[Saved entries]
■ ■ ■ ■ ■ ■ ■
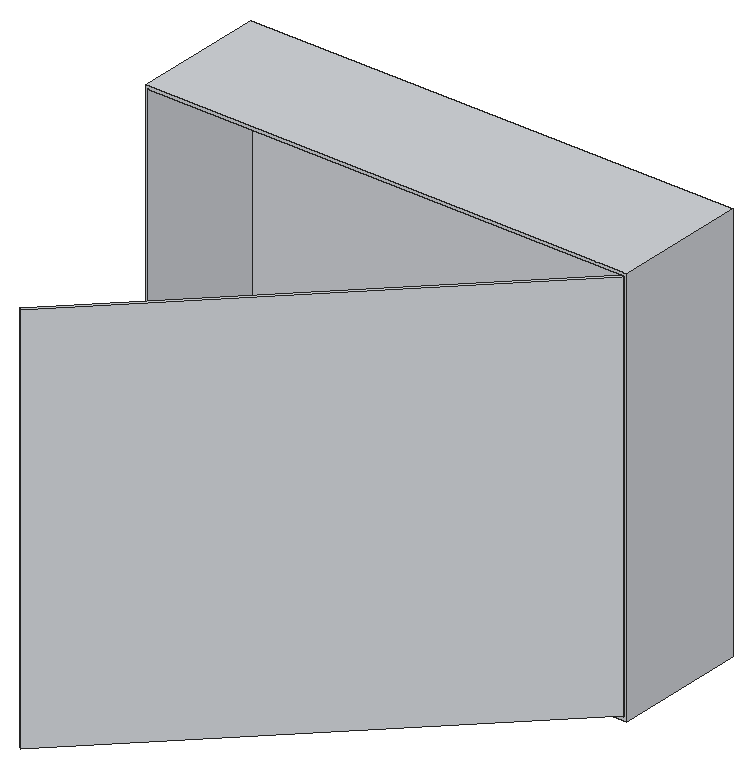
Revit family "Hager-Univers-IP41-vuoto-A_parete-NoHosted-CH-it", category Electrical Equipment, Revit 2020
Family settings
  Panel Configuration = Two Columns, Circuits Across
  Round Connector Dimension = Use Diameter
  Part Type = Panelboard
  Work Plane-Based = Yes
  Always vertical = Yes
  Cut with Voids When Loaded = No
  Shared = No
  Room Calculation Point = No
Parameters (values of type "A parete IP41 L540 A450 P148 0 Unità di divisione - FB3008SN")
  Width Control [instance] = if([HG000006 - Ad incasso], if([EF000846 - larghezza di montaggio] > min_whd, [EF000846 - larghezza di montaggio], min_whd), if([EF000008 - Larghezza] > min_whd, ([EF000008 - Larghezza]), min_whd))  # 540 mm
  Void Depth [instance] = if([EF000218 - profondità di incasso] > 1 mm, [EF000218 - profondità di incasso], 1 mm)  # 84 mm
  Type Comments = [HG000003 - Gamma]  # "Univers"
  System Height [instance] = Height Control - 2 * [HG000005 - Spessore]  # 444 mm
  Panel Name [instance] = ""  # (empty or 0)
  Offset [instance] = 0 mm
  Model = [HG000004 - Codice produttore]  # "FB3008SN"
  Level Offset [instance] = [Flush Mounted - Door Frame Width] + Offset  # 0 mm
  HG000017 - Distanza tra i poli = 18 mm
  HG000016 - Visibilità delle porte nella vista 3D [instance] = yes
  HG000015 - Visibilità attraverso la porta [instance] = no
  HG000014 - Porta destra [instance] = yes
  HG000013 - Porta sinistra [instance] = not([HG000014 - Porta destra])  # no
  HG000012 - Angolo di apertura della porta [instance] = 45.00°
  HG000011 - File vuote nella parte basse = no
  HG000010 - Porte asimmetriche = no
  HG000009 - Porta doppia a battente = no
  HG000008 - Numero di file vuote = 0
  HG000007 - Numero di colonne vuote = 0
  HG000006 - Ad incasso = no
  HG000005 - Spessore = 3 mm  # constant formula
  HG000004 - Codice produttore = "FB3008SN"
  HG000003 - Gamma = "Univers"
  HG000002 - Con porta = yes
  HG000001 - Numero di colonne = 0
  EF015941 - Segnale di passaggio porta = no
  EF015777 - Morsettiera neutra = no
  EF015776 - Morsettiera di terra = no
  EF009212 - esecuzione coperchio = "EV000116 - chiuso"
  EF006306 - con serratura = no
  EF006244 - coperchio/porta trasparente = no
  EF005474 - grado di protezione (IP) = "EV006416 - IP41"
  EF004462 - tipo di chiusura = ""
  EF002950 - Numero moduli DIN = 0
  EF001596 - Attacco Lampada = "EV000154 - altri"
  EF001134 - barra DIN = no
  EF001131 - profondità interna = 84 mm
  EF001088 - possibilità di applicazione = no
  EF001062 - esecuzione EMC = no
  EF000846 - larghezza di montaggio = 300 mm
  EF000339 - tipo di copertura = "EV004216 - porta"
  EF000332 - Altezza della parte incassata = 0 mm
  EF000266 - numero di file = 0
  EF000218 - profondità di incasso = 84 mm
  EF000118 - con piastra di montaggio = no
  EF000116 - numero RAL = "9010"
  EF000049 - profondità = 148 mm
  EF000040 - Altezza = 450 mm
  EF000008 - Larghezza = 540 mm
  EF000007 - colore = "EV000202 - bianco"
  EF000003 - Tipo di montaggio = "EV000384 - A parete"
  Description = ""
  Default Elevation = 1219.2 mm
  Arrow Offset [instance] = Depth Control / 8  # 18.5 mm
  Arrow Height [instance] = Depth Control - Arrow Offset  # 129.5 mm
  Host Offset [instance] = if([HG000006 - Ad incasso], 0 mm, [EF000049 - profondità])  # 148 mm
  min_whd [instance] = (2 * [HG000005 - Spessore]) + 1 mm  # 7 mm
  Manufacturer = "Hager"  # constant formula
  Height Control [instance] = if([HG000006 - Ad incasso], if([EF000332 - Altezza della parte incassata] > min_whd, [EF000332 - Altezza della parte incassata], min_whd), if([EF000040 - Altezza] > min_whd, ([EF000040 - Altezza]), min_whd))  # 450 mm
  Flush Mounted - Door Frame Width [instance] = if(([EF000040 - Altezza] - [EF000332 - Altezza della parte incassata]) > 0 mm, if([HG000006 - Ad incasso], [EF000040 - Altezza] - [EF000332 - Altezza della parte incassata], 0 mm), 0 mm)  # 0 mm
  Depth Control [instance] = if([HG000006 - Ad incasso], if([EF000218 - profondità di incasso] > 0 mm, [EF000218 - profondità di incasso], 1 mm), if([EF000049 - profondità] > 0 mm, ([EF000049 - profondità]), 1 mm))  # 148 mm
Types (3, lengths in mm): name | Width Control | System Height | Model | HG000004 - Codice produttore | EF004462 - tipo di chiusura | EF000846 - larghezza di montaggio | EF000049 - profondità | EF000040 - Altezza | EF000008 - Larghezza | Arrow Offset | Arrow Height | Host Offset | Height Control | Depth Control
  A parete IP41 L350 A350 P128 0 Unità di divisione - FB2008LN | 350 | 344 | "FB2008LN" | "FB2008LN" | "EV000154 - altri" | 200 | 128 | 350 | 350 | 16 | 112 | 128 | 350 | 128
  A parete IP41 L450 A450 P128 0 Unità di divisione - FB3008LN | 450 | 444 | "FB3008LN" | "FB3008LN" | "EV000154 - altri" | 300 | 128 | 450 | 450 | 16 | 112 | 128 | 450 | 128
  A parete IP41 L540 A450 P148 0 Unità di divisione - FB3008SN | 540 | 444 | "FB3008SN" | "FB3008SN" | "" | 300 | 148 | 450 | 540 | 18.5 | 129.5 | 148 | 450 | 148
Reference planes
  plane 1 "Center (Front/Back)": y = 0
  plane 2: z = 0
  plane 3 "Center (Left/Right)": x = 0
  plane 4: y = 3
  plane 5: y = 0
  plane 6: y = 0
  plane 7: z = 0
  plane 8: x = -270
  plane 9: x = 270
  plane 10: x = 267
  plane 11: x = -267
  plane 12: z = 0
  plane 13: z = 3
  plane 14: y = -143
  plane 15: y = -148
  plane 16: y = -3
  plane 17: z = 447
  plane 18: z = 450
  plane 19: z = 225
  plane 20: x = 0
  plane 21: y = -100
Forms (mm)
  Extrusion 1, solid
    sketch origin (-208.679, -4572, 0) x (-1, 0, 0) y (0, -1, 0)
      loop
        line (61.321, -4424) -> (-478.679, -4424) -> (-478.679, -4572) -> (61.321, -4572) -> (61.321, -4424)
    from 0 to 450 <- "Height Control"
  Extrusion 2, void
    sketch origin (-350.771, -148, 1219.2) x (1, 0, 0) y (0, 0, 1)
      loop
        line (83.771, -772.2) -> (83.771, -1216.2) -> (617.771, -1216.2) -> (617.771, -772.2) -> (83.771, -772.2)
    from 0 to -145
  Extrusion 3, solid, detail levels coarse+medium
    sketch origin (-350.771, -148, 1219.2) x (-1, 0, 0) y (0, 0, 1)
      loop
        line (-83.771, -772.2) -> (-617.771, -772.2) -> (-617.771, -1216.2) -> (-83.771, -1216.2) -> (-83.771, -772.2)
    from 0 to 3 <- "HG000005 - Spessore"
Cuts and joins
  Extrusion 2 cuts Extrusion 1
Dimensions and locks
  "Flush Mounted - Door Frame Width": plane 1 "Center (Front/Back)" to plane 6
  "HG000005 - Spessore": plane 4 to plane 6
  "HG000005 - Spessore": plane 8 to plane 11
  "HG000005 - Spessore": plane 9 to plane 10
  equal spacing: plane 8, plane 3 "Center (Left/Right)", plane 9
  "Width Control": plane 8 to plane 9
  locked: plane 14 to plane 15 at 5
  "Host Offset": plane 1 "Center (Front/Back)" to plane 15
  "Depth Control": plane 5 to plane 15
  "HG000005 - Spessore": plane 5 to plane 16
  "HG000005 - Spessore": plane 13 to plane 12
  "Level Offset": plane 12 to level
  "HG000005 - Spessore": plane 18 to plane 17
  "Height Control": plane 18 to plane 12
  "Arrow Offset": plane 5 to nested 4
  equal spacing: plane 18, plane 19, plane 12
  locked: connector elem to plane 19
  locked: connector elem to plane 3 "Center (Left/Right)"
  aligned and locked: nested 1 to plane 14
  aligned and locked: plane 3 "Center (Left/Right)" to nested 1
  aligned and locked: plane 3 "Center (Left/Right)" to nested 2
  aligned and locked: nested 2 to plane 15
  aligned and locked: plane 5 to Extrusion 1
  aligned and locked: Extrusion 3 sketch curve to plane 17
  aligned and locked: Extrusion 3 sketch curve to plane 11
  aligned and locked: Extrusion 3 sketch curve to plane 13
  aligned and locked: Extrusion 3 sketch curve to plane 10
  aligned and locked: Extrusion 2 sketch curve to plane 13
  aligned and locked: Extrusion 2 sketch curve to plane 10
  aligned and locked: Extrusion 2 sketch curve to plane 17
  aligned and locked: Extrusion 2 sketch curve to plane 11
  aligned and locked: plane 16 to Extrusion 2
  aligned and locked: plane 5 to Extrusion 1 sketch curve
  aligned and locked: plane 9 to Extrusion 1 sketch curve
  aligned and locked: plane 8 to Extrusion 1 sketch curve
  aligned and locked: plane 8 to nested 4
  aligned and locked: plane 8 to nested 3
  aligned and locked: nested 3 to plane 5
  aligned and locked: Extrusion 1 sketch curve to plane 15
  aligned and locked: Extrusion 2 to plane 15
Nested families
  nested 1: "Hager_Enclosure_System" at (0, -143, 3), Flush_Mounted <- "HG000006 - Ad incasso", Width <- "EF000008 - Larghezza", Height <- "System Height", Width_Control <- "Width Control", Row_Module_Multiplicator <- "EF002950 - Numero moduli DIN", Empty_Columns <- "HG000007 - Numero di colonne vuote", Built-in_Width <- "EF000846 - larghezza di montaggio", Border <- "HG000005 - Spessore", Total_No_Empty_Rows <- "HG000008 - Numero di file vuote", Depth <- "HG000005 - Spessore", Empty_Rows_From_Bottom <- "HG000011 - File vuote nella parte basse", Distance_Between_Poles <- "HG000017 - Distanza tra i poli", Rows_Count <- "EF000266 - numero di file", Columns_Count <- "HG000001 - Numero di colonne", type "Hager_Enclosure_System", detail levels medium+fine
    with Width_Control 540 mm, Width 540 mm, Total_No_Rows 0, Total_No_Empty_Rows 0, Total_No_Columns 1, System_Width 534 mm, Rows_Count 0, Rows_Column 0, Row_Module_Multiplicator 0, Panel_4 no, Panel_3 no, Panel_2 no, Panel_1 no, No_Panels_Ctrl 1, Hide_Columns yes, Height 444 mm, Flush_Mounted no, Empty_Rows_From_Bottom no, Empty_Rows_Column 0, Empty_Columns 0, Distance_Between_Poles 18 mm, Depth 3 mm, Columns_Count 0, Column_Width 534 mm, Built-in_Width 300 mm, Border 3 mm
  nested 2: "Hager_Enclosure_Door" at (0, -148, 0), Double <- "HG000009 - Porta doppia a battente", Height_Ctrl <- "Height Control", Transparent <- "EF006244 - coperchio/porta trasparente", Depth <- "EF000049 - profondità", Height <- "EF000040 - Altezza", Angle <- "HG000012 - Angolo di apertura della porta", Door_Right <- "HG000014 - Porta destra", Assymetrical <- "HG000010 - Porte asimmetriche", Flush_Mounted <- "HG000006 - Ad incasso", BuiltIn_Depth <- "EF000218 - profondità di incasso", BuiltIn_Width <- "EF000846 - larghezza di montaggio", Door <- "HG000002 - Con porta", Width_Ctrl <- "Width Control", 3d_Door <- "HG000016 - Visibilità delle porte nella vista 3D", Width <- "EF000008 - Larghezza", Border <- "HG000005 - Spessore", BuiltIn_Height <- "EF000332 - Altezza della parte incassata", Clearance <- "HG000015 - Visibilità attraverso la porta", Door_Left <- "HG000013 - Porta sinistra", type "Hager_Enclosure_Door", detail levels medium+fine
    with min_wh 7 mm, Width_Ctrl 540 mm, Width 540 mm, Transparent_Door_No_Bottom_Border no, Transparent no, Leaf_Width 531 mm, Leaf_Tolerance 1.5 mm, Leaf_Height 441 mm, Leaf_2_Width 531 mm, Leaf_2_Offset 265.5 mm, Leaf_1_Width 531 mm, Leaf_1_Offset 265.5 mm, Height_Ctrl 450 mm, Height 450 mm, Frame_Width_Ctrl 240 mm, Frame_Width 240 mm, Frame_Internal_Offset 0 mm, Frame_Height_Ctrl 450 mm, Frame_Height 450 mm, Frame_Depth_Ctrl 1 mm, Frame_Depth 0 mm, Flush_Mounted no, Double_Clearance_Ctrl no, Double no, Door_Right_Ctrl yes, Door_Right yes, Door_Left_Ctrl no, Door_Left no, Door yes, Depth 148 mm, Clearance_Depth 531 mm, Clearance_Ctrl no, Clearance no, BuiltIn_Width 300 mm, BuiltIn_Height 0 mm, BuiltIn_Depth 84 mm, Border 3 mm, Assymetrical no, Angle 45.00°, 3d_Door yes
  nested 3: "Hager_Enclosure_Symbol_Triangle" at (-270, 0, 0), Depth <- "Depth Control", Width <- "Width Control", type "Hager_Enclosure_Symbol_Triangle"
    with Width_Ctrl 540 mm, Width 540 mm, Depth_Ctrl 148 mm, Depth 148 mm
  nested 4: "Hager_Enclosure_Symbol_Arrow" at (-270, -18.5, 0), Height <- "Arrow Height", type "Hager_Enclosure_Symbol_Arrow"
    with Width_Inside 9.713 mm, Width 116.55 mm, Height_Ctrl 129.5 mm, Height 129.5 mm
Connectors
  electrical at (0, 0, 225)
    settings: on plane 5, index 1, voltage 0 V, apparent load 0 VA, apparent load phase1 0 VA, apparent load phase2 0 VA, apparent load phase3 0 VA, power factor 1, load classification "Other", number of poles 1, system type 30, power factor state 1, is connector primary yes, connector utility no, sub classification motor no, connector description ""
Definition of nested family "Hager_Enclosure_Door"
  Parameters (values of type "Hager_Enclosure_Door")
    min_wh [instance] = (2 * Border) + 1 mm  # 11 mm
    Width_Ctrl [instance] = 400 mm
    Width [instance] = 500 mm
    Transparent_Door_No_Bottom_Border [instance] = no
    Transparent [instance] = yes
    Leaf_Width [instance] = if((Width_Ctrl - 2 * Border - 2 * Leaf_Tolerance) > 0 mm, (Width_Ctrl - 2 * Border - 2 * Leaf_Tolerance), min_wh)  # 387 mm
    Leaf_Tolerance [instance] = 1.5 mm  # constant formula
    Leaf_Height [instance] = if((Height_Ctrl - 2 * Border - 2 * Leaf_Tolerance) > 0 mm, (Height_Ctrl - 2 * Border - 2 * Leaf_Tolerance), min_wh)  # 387 mm
    Leaf_2_Width [instance] = if(and(and(Double, Assymetrical), Door_Left), (Leaf_Width / 3) - (Leaf_Tolerance / 2), if(and(and(Double, Assymetrical), Door_Right), (Leaf_Width / 3) * 2 - (Leaf_Tolerance / 2), if(and(Double, not(Assymetrical)), (Leaf_Width / 2) - Leaf_Tolerance, Leaf_Width)))  # 387 mm
    Leaf_2_Offset [instance] = if(and(Double, Assymetrical), Leaf_2_Width / 2, if(and(Double, not(Assymetrical)), Leaf_Width / 4, Leaf_Width / 2))  # 193.5 mm
    Leaf_1_Width [instance] = if(and(and(Double, Assymetrical), Door_Right), (Leaf_Width / 3) - (Leaf_Tolerance / 2), if(and(and(Double, Assymetrical), Door_Left), (Width / 3) * 2 - (Leaf_Tolerance / 2), if(and(Double, not(Assymetrical)), (Leaf_Width / 2) - Leaf_Tolerance, Leaf_Width)))  # 387 mm
    Leaf_1_Offset [instance] = if(and(Double, Assymetrical), Leaf_1_Width / 2, if(and(Double, not(Assymetrical)), Leaf_Width / 4, Leaf_Width / 2))  # 193.5 mm
    Height_Ctrl [instance] = 400 mm
    Height [instance] = 500 mm
    Frame_Width_Ctrl [instance] = if(Frame_Width > 0 mm, Frame_Width, 1 mm)  # 1 mm
    Frame_Width [instance] = Width - BuiltIn_Width  # 0 mm
    Frame_Internal_Offset [instance] = if(Flush_Mounted, Border, 0 mm)  # 5 mm
    Frame_Height_Ctrl [instance] = if(Frame_Height > 0 mm, Frame_Height, 1 mm)  # 1 mm
    Frame_Height [instance] = Height - BuiltIn_Height  # 0 mm
    Frame_Depth_Ctrl [instance] = if(Frame_Depth > 0 mm, Frame_Depth, 1 mm)  # 1 mm
    Frame_Depth [instance] = if(Depth - BuiltIn_Depth > 0 mm, if(Flush_Mounted, Depth - BuiltIn_Depth, 0 mm), 0 mm)  # 0 mm
    Flush_Mounted [instance] = yes
    Double_Clearance_Ctrl [instance] = and(Double, Clearance)  # no
    Double [instance] = no
    Door_Right_Ctrl [instance] = and(or(Door_Right, Double), Door)  # yes
    Door_Right [instance] = yes
    Door_Left_Ctrl [instance] = and(or(Door_Left, Double), Door)  # no
    Door_Left [instance] = no
    Door [instance] = yes
    Depth [instance] = 500 mm
    Default Elevation = 1219.2 mm
    Clearance_Material = none
    Clearance_Depth [instance] = if(Leaf_1_Width > Leaf_2_Width, Leaf_1_Width, Leaf_2_Width)  # 387 mm
    Clearance_Ctrl [instance] = and(not(Double), Clearance)  # yes
    Clearance [instance] = yes
    BuiltIn_Width [instance] = 500 mm
    BuiltIn_Height [instance] = 500 mm
    BuiltIn_Depth [instance] = 500 mm
    Border [instance] = 5 mm
    Assymetrical [instance] = yes
    Angle [instance] = 30.00°
    3d_Door [instance] = yes
  Reference planes
    plane 1 "Center (Front/Back)": y = 0
    plane 2 "Bottom": z = 0
    plane 3 "Center (Left/Right)": x = 0
    plane 4: z = 400
    plane 5: x = -200
    plane 6: x = 200
    plane 7: z = 395
    plane 8: x = -195
    plane 9: z = 5
    plane 10: x = 195
    plane 11: y = 0
    plane 12: z = 6.5
    plane 13: x = -582
    plane 14: y = -387
    plane 15: x = 582
    plane 16: x = 0
    plane 17: x = 0
    plane 18: x = -193.5
    plane 19: x = 193.5
    plane 20: z = 393.5
  Forms (mm)
    Extrusion 1, solid, visible <- "Flush_Mounted"
      sketch origin (0, 0, 0) x (1, 0, 0) y (0, 0, 1)
        loop
          line (195, 5) -> (195, 395) -> (-195, 395) -> (-195, 5) -> (195, 5)
        loop
          line (-201, 401) -> (-201, -1) -> (201, -1) -> (201, 401) -> (-201, 401)
      from 0 to 1 <- "Frame_Depth_Ctrl"
    Extrusion 2, solid, material <- "Clearance_Material", visible <- "Double_Clearance_Ctrl"
      sketch origin (1200, 0, 0) x (1, 0, 0) y (0, 0, -1)
        loop
          line (-1782, -393.5) -> (-618, -393.5) -> (-618, 0) -> (-1782, 0) -> (-1782, -393.5)
      from 0 to -387
  Dimensions and locks
    equal spacing: plane 5, plane 3 "Center (Left/Right)", plane 6
    "Width_Ctrl": plane 5 to plane 6
    "Border": plane 5 to plane 8
    "Border": plane 6 to plane 10
    "Border": plane 9 to level
    "Border": plane 4 to plane 7
    "Height_Ctrl": plane 4 to level
    "Leaf_Tolerance": plane 12 to plane 9
    "Frame_Depth": plane 11 to plane 1 "Center (Front/Back)"
    "Frame_Width_Ctrl": plane 5 to Extrusion 1 sketch curve
    "Frame_Width_Ctrl": plane 6 to Extrusion 1 sketch curve
    "Frame_Width_Ctrl": Extrusion 1 sketch curve to plane 4
    "Frame_Width_Ctrl": plane 2 "Bottom" to Extrusion 1 sketch curve
    "Leaf_1_Offset": plane 18 to plane 16
    "Leaf_2_Offset": plane 17 to plane 19
    "Leaf_1_Width": plane 13 to plane 8
    "Leaf_2_Width": plane 10 to plane 15
    "Clearance_Depth": plane 14 to plane 1 "Center (Front/Back)"
    "Leaf_Tolerance": plane 8 to plane 18
    "Leaf_Tolerance": plane 19 to plane 10
    "Leaf_Tolerance": plane 7 to plane 20
    "Frame_Internal_Offset": plane 5 to Extrusion 1 sketch curve
    "Frame_Internal_Offset": Extrusion 1 sketch curve to plane 2 "Bottom"
    "Frame_Internal_Offset": plane 6 to Extrusion 1 sketch curve
    "Frame_Internal_Offset": plane 4 to Extrusion 1 sketch curve
    aligned and locked: level to plane 2 "Bottom"
    aligned and locked: nested 1 to plane 16
    aligned and locked: nested 2 to plane 17
    aligned and locked: Extrusion 2 to plane 13
    aligned and locked: plane 15 to Extrusion 2
    aligned and locked: Extrusion 2 to plane 14
    aligned and locked: plane 12 to nested 1
    aligned and locked: nested 2 to plane 12
    aligned and locked: Extrusion 2 to plane 11
    aligned and locked: plane 20 to Extrusion 2
    aligned and locked: nested 2 to plane 11
    aligned and locked: nested 1 to plane 11
  Automatic sketch dimensions
    Extrusion 2 sketch curve to level = 0 mm
    plane 5 to Extrusion 2 sketch curve = 382 mm
    plane 6 to Extrusion 2 sketch curve = 382 mm
    Extrusion 2 sketch curve to plane 4 = 6.5 mm
  Nested families
    nested 1: "Hager_Enclosure_Door_Leaf" at (0, 0, 6.5), Width <- "Leaf_1_Width", visible <- "Door_Left_Ctrl", Leaf_Height <- "Leaf_Height", Angle <- "Angle", Depth <- "Border", 3d_Door <- "3d_Door", Transparent <- "Transparent", Clearance Material <- "Clearance_Material", Clearance <- "Clearance_Ctrl", Transparent_Door_No_Bottom_Border <- "Transparent_Door_No_Bottom_Border", type "Hager_Enclosure_Door_Leaf"
      with Width 387 mm, Transparent_Door_No_Bottom_Border no, Transparent_Door_Border_Bottom_Top 25 mm, Transparent_Door_Border 25 mm, Transparent_Ctrl yes, Transparent yes, Standard no, Leaf_Height 387 mm, Glass_Offset 1 mm, Depth 5 mm, Clearance Material none, Clearance yes, Angle_Ctrl 30.00°, Angle 30.00°, 3d_Door yes
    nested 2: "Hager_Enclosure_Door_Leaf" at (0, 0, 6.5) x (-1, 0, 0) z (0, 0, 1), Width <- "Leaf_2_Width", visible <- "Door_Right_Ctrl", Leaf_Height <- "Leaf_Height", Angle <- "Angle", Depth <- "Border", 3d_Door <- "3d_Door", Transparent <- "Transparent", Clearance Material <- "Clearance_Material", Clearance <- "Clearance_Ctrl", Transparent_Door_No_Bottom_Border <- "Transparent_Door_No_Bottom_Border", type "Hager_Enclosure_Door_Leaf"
■ ■ ■ ■ ■ ■ ■
Put down exactly the lines of the data above that run from its first line through the line bearing "Void Depth [instance]", and no pictures.

Revit family "Hager-Univers-IP41-vuoto-A_parete-NoHosted-CH-it", category Electrical Equipment, Revit 2020
Family settings
  Panel Configuration = Two Columns, Circuits Across
  Round Connector Dimension = Use Diameter
  Part Type = Panelboard
  Work Plane-Based = Yes
  Always vertical = Yes
  Cut with Voids When Loaded = No
  Shared = No
  Room Calculation Point = No
Parameters (values of type "A parete IP41 L540 A450 P148 0 Unità di divisione - FB3008SN")
  Width Control [instance] = if([HG000006 - Ad incasso], if([EF000846 - larghezza di montaggio] > min_whd, [EF000846 - larghezza di montaggio], min_whd), if([EF000008 - Larghezza] > min_whd, ([EF000008 - Larghezza]), min_whd))  # 540 mm
  Void Depth [instance] = if([EF000218 - profondità di incasso] > 1 mm, [EF000218 - profondità di incasso], 1 mm)  # 84 mm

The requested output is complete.